We discover a novel positional bias in in-context learning (ICL): DPP bias, in which moving an unchanged block of demos from the start of a prompt to the end can swing task accuracy by up to 20 percents and flip almost half of a model’s predictions (see Fig. 1). This phenomenon, purely spatial, independent of demo content, challenges the widespread assumption that large language models learn robustly from any properly formatted context. Despite growing awareness of prompt sensitivity, the role of demo positioning where demos are placed relative to instructions, queries, or other contextual elements remains underexplored. Prior studies have focused primarily on demo selection (Liu et al., 2022), or template phrasing (Cho et al., 2024; Voronov et al., 2024), leaving a gap in understanding how spatial arrangements modulate ICL efficacy. This paper addresses this gap through a systematic investigation of positional effects across eight tasks spanning classification, reasoning, and generation.
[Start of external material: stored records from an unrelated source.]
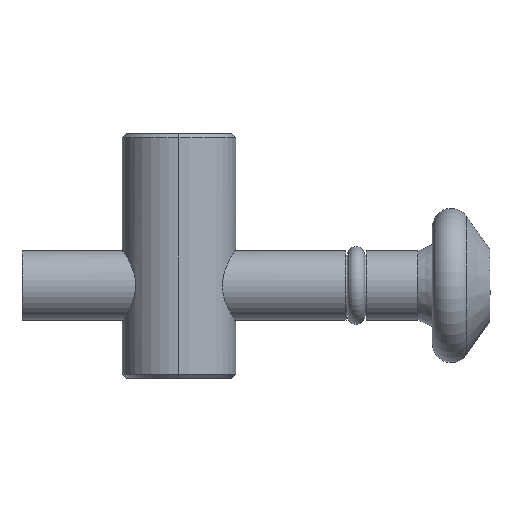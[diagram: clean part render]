
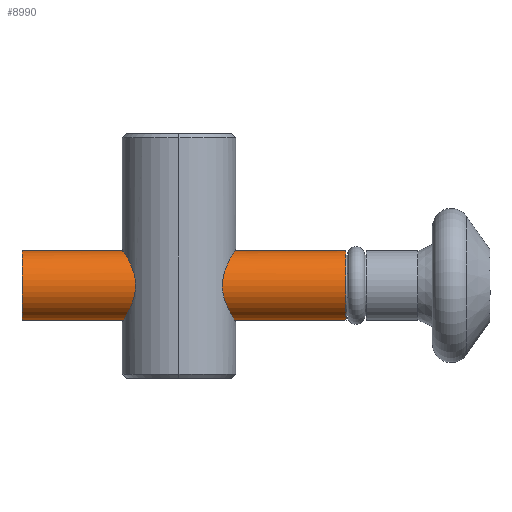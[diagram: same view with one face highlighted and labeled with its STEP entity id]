
A CAD part, front view. The second image highlights one B-rep face of the part: STEP entity #8990.
In plain terms, the highlighted cylindrical face has radius 2.4 mm (diameter 4.8 mm), a partial arc.
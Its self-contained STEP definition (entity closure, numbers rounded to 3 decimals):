
#83 = LINE ( 'NONE', #9164, #3475 ) ;
#103 = FACE_OUTER_BOUND ( 'NONE', #5131, .T. ) ;
#342 = DIRECTION ( 'NONE',  ( 1., 0., 0. ) ) ;
#486 = CARTESIAN_POINT ( 'NONE',  ( -2.341, -0.537, -25.449 ) ) ;
#634 = CARTESIAN_POINT ( 'NONE',  ( -2.289, -0.728, -17.84 ) ) ;
#682 = CARTESIAN_POINT ( 'NONE',  ( -2.188, -0.991, -18.016 ) ) ;
#1129 = CARTESIAN_POINT ( 'NONE',  ( -2.028, -1.294, -24.902 ) ) ;
#1179 = B_SPLINE_CURVE_WITH_KNOTS ( 'NONE', 3,
 ( #3558, #4892, #2718, #5731, #486, #2765, #8815, #1129, #4157, #5084, #6575, #2811, #7178, #5825, #8860, #8111, #4115, #7132, #8909, #4497, #4447, #3015, #9115, #5233, #1474, #9658, #2962, #2172, #682, #7518, #634, #2120, #7367, #9705 ),
 .UNSPECIFIED., .F., .F.,
 ( 4, 2, 2, 2, 2, 2, 2, 2, 2, 2, 2, 2, 2, 2, 2, 2, 4 ),
 ( 0.02, 0.02, 0.02, 0.021, 0.022, 0.022, 0.024, 0.024, 0.025, 0.026, 0.026, 0.028, 0.028, 0.029, 0.029, 0.03, 0.03 ),
 .UNSPECIFIED. ) ;
#1429 = CARTESIAN_POINT ( 'NONE',  ( -2.4, 0., -32.5 ) ) ;
#1474 = CARTESIAN_POINT ( 'NONE',  ( -1.761, -1.637, -18.79 ) ) ;
#1731 = CARTESIAN_POINT ( 'NONE',  ( 2.4, 0., -10. ) ) ;
#1765 = EDGE_CURVE ( 'NONE', #8074, #8887, #6032, .T. ) ;
#1804 = VERTEX_POINT ( 'NONE', #1429 ) ;
#1845 = AXIS2_PLACEMENT_3D ( 'NONE', #7086, #2969, #3516 ) ;
#2019 = AXIS2_PLACEMENT_3D ( 'NONE', #6453, #4271, #8033 ) ;
#2120 = CARTESIAN_POINT ( 'NONE',  ( -2.368, -0.438, -17.704 ) ) ;
#2172 = CARTESIAN_POINT ( 'NONE',  ( -2.15, -1.069, -18.083 ) ) ;
#2182 = CARTESIAN_POINT ( 'NONE',  ( -2.4, 0., 0. ) ) ;
#2445 = ORIENTED_EDGE ( 'NONE', *, *, #7944, .F. ) ;
#2477 = DIRECTION ( 'NONE',  ( 0., 0., 1. ) ) ;
#2622 = ORIENTED_EDGE ( 'NONE', *, *, #6198, .T. ) ;
#2718 = CARTESIAN_POINT ( 'NONE',  ( -2.392, -0.222, -25.537 ) ) ;
#2765 = CARTESIAN_POINT ( 'NONE',  ( -2.261, -0.828, -25.312 ) ) ;
#2811 = CARTESIAN_POINT ( 'NONE',  ( -1.395, -1.968, -23.682 ) ) ;
#2922 = DIRECTION ( 'NONE',  ( 0., 0., 1. ) ) ;
#2956 = CIRCLE ( 'NONE', #1845, 2.4 ) ;
#2962 = CARTESIAN_POINT ( 'NONE',  ( -2.03, -1.291, -18.295 ) ) ;
#2969 = DIRECTION ( 'NONE',  ( 0., 0., 1. ) ) ;
#3015 = CARTESIAN_POINT ( 'NONE',  ( -1.219, -2.073, -19.903 ) ) ;
#3171 = ORIENTED_EDGE ( 'NONE', *, *, #4349, .T. ) ;
#3218 = CARTESIAN_POINT ( 'NONE',  ( -2.4, 0., 0. ) ) ;
#3369 = VECTOR ( 'NONE', #2922, 1000. ) ;
#3475 = VECTOR ( 'NONE', #7802, 1000. ) ;
#3516 = DIRECTION ( 'NONE',  ( 1., 0., 0. ) ) ;
#3558 = CARTESIAN_POINT ( 'NONE',  ( -2.4, 0., -25.55 ) ) ;
#4115 = CARTESIAN_POINT ( 'NONE',  ( -0.849, -2.245, -21.817 ) ) ;
#4157 = CARTESIAN_POINT ( 'NONE',  ( -1.941, -1.418, -24.745 ) ) ;
#4256 = CARTESIAN_POINT ( 'NONE',  ( -2.4, 0., -25.55 ) ) ;
#4271 = DIRECTION ( 'NONE',  ( 0., 0., 1. ) ) ;
#4349 = EDGE_CURVE ( 'NONE', #6898, #5923, #83, .T. ) ;
#4447 = CARTESIAN_POINT ( 'NONE',  ( -1.012, -2.178, -20.519 ) ) ;
#4497 = CARTESIAN_POINT ( 'NONE',  ( -0.953, -2.203, -20.732 ) ) ;
#4892 = CARTESIAN_POINT ( 'NONE',  ( -2.4, -0.11, -25.55 ) ) ;
#5084 = CARTESIAN_POINT ( 'NONE',  ( -1.761, -1.637, -24.41 ) ) ;
#5131 = EDGE_LOOP ( 'NONE', ( #2445, #2622, #3171, #5561, #6420, #6063 ) ) ;
#5233 = CARTESIAN_POINT ( 'NONE',  ( -1.668, -1.73, -18.968 ) ) ;
#5499 = CIRCLE ( 'NONE', #2019, 2.4 ) ;
#5561 = ORIENTED_EDGE ( 'NONE', *, *, #7438, .F. ) ;
#5731 = CARTESIAN_POINT ( 'NONE',  ( -2.363, -0.434, -25.486 ) ) ;
#5825 = CARTESIAN_POINT ( 'NONE',  ( -1.011, -2.178, -22.676 ) ) ;
#5923 = VERTEX_POINT ( 'NONE', #1731 ) ;
#6032 = LINE ( 'NONE', #2182, #3369 ) ;
#6063 = ORIENTED_EDGE ( 'NONE', *, *, #9064, .F. ) ;
#6198 = EDGE_CURVE ( 'NONE', #1804, #6898, #2956, .T. ) ;
#6238 = CYLINDRICAL_SURFACE ( 'NONE', #8667, 2.4 ) ;
#6285 = VERTEX_POINT ( 'NONE', #4256 ) ;
#6420 = ORIENTED_EDGE ( 'NONE', *, *, #1765, .F. ) ;
#6453 = CARTESIAN_POINT ( 'NONE',  ( 0., 0., -10. ) ) ;
#6575 = CARTESIAN_POINT ( 'NONE',  ( -1.667, -1.73, -24.231 ) ) ;
#6885 = LINE ( 'NONE', #3218, #7558 ) ;
#6898 = VERTEX_POINT ( 'NONE', #7449 ) ;
#7086 = CARTESIAN_POINT ( 'NONE',  ( 0., 0., -32.5 ) ) ;
#7132 = CARTESIAN_POINT ( 'NONE',  ( -0.85, -2.245, -21.377 ) ) ;
#7178 = CARTESIAN_POINT ( 'NONE',  ( -1.219, -2.073, -23.297 ) ) ;
#7367 = CARTESIAN_POINT ( 'NONE',  ( -2.4, -0.22, -17.65 ) ) ;
#7438 = EDGE_CURVE ( 'NONE', #8887, #5923, #5499, .T. ) ;
#7449 = CARTESIAN_POINT ( 'NONE',  ( 2.4, 0., -32.5 ) ) ;
#7518 = CARTESIAN_POINT ( 'NONE',  ( -2.257, -0.82, -17.895 ) ) ;
#7558 = VECTOR ( 'NONE', #2477, 1000. ) ;
#7677 = CARTESIAN_POINT ( 'NONE',  ( -2.4, 0., -17.65 ) ) ;
#7802 = DIRECTION ( 'NONE',  ( 0., 0., 1. ) ) ;
#7944 = EDGE_CURVE ( 'NONE', #1804, #6285, #6885, .T. ) ;
#8008 = DIRECTION ( 'NONE',  ( 0., 0., 1. ) ) ;
#8033 = DIRECTION ( 'NONE',  ( 1., 0., 0. ) ) ;
#8074 = VERTEX_POINT ( 'NONE', #7677 ) ;
#8111 = CARTESIAN_POINT ( 'NONE',  ( -0.872, -2.236, -22.038 ) ) ;
#8526 = CARTESIAN_POINT ( 'NONE',  ( 0., 0., 0. ) ) ;
#8667 = AXIS2_PLACEMENT_3D ( 'NONE', #8526, #8008, #342 ) ;
#8815 = CARTESIAN_POINT ( 'NONE',  ( -2.189, -0.998, -25.187 ) ) ;
#8860 = CARTESIAN_POINT ( 'NONE',  ( -0.953, -2.203, -22.466 ) ) ;
#8887 = VERTEX_POINT ( 'NONE', #9326 ) ;
#8909 = CARTESIAN_POINT ( 'NONE',  ( -0.872, -2.236, -21.16 ) ) ;
#8990 = ADVANCED_FACE ( 'NONE', ( #103 ), #6238, .T. ) ;
#9064 = EDGE_CURVE ( 'NONE', #6285, #8074, #1179, .T. ) ;
#9115 = CARTESIAN_POINT ( 'NONE',  ( -1.394, -1.968, -19.518 ) ) ;
#9164 = CARTESIAN_POINT ( 'NONE',  ( 2.4, 0., 0. ) ) ;
#9326 = CARTESIAN_POINT ( 'NONE',  ( -2.4, 0., -10. ) ) ;
#9658 = CARTESIAN_POINT ( 'NONE',  ( -1.941, -1.418, -18.455 ) ) ;
#9705 = CARTESIAN_POINT ( 'NONE',  ( -2.4, 0., -17.65 ) ) ;

2.2 Mechanistic Hypothesis

Recent research attributes positional bias in transformer-based models to intrinsic architectural tendencies, notably primacy bias and induction heads. Olsson et al. (2022) and Chan et al. (2022) highlight that transformers disproportionately emphasize early tokens due to induction head mechanisms, causing initial context to steer subsequent predictions significantly. Similarly, Xiao et al. (2024) note sequential processing biases towards earlier context, which impact performance when crucial information appears later in the sequence. Additionally, Liu et al. (2023) observed that tokens in the middle positions of sequences receive less attention, leading to performance degradation. Bietti et al. (2023) further supports this by linking primacy bias to underlying transformer memory mechanisms. While these hypotheses illuminate why order matters, empirical work on how they interact with prompt roles (system vs. user) is scarce. We provide the first role-aware stress test of these mechanisms.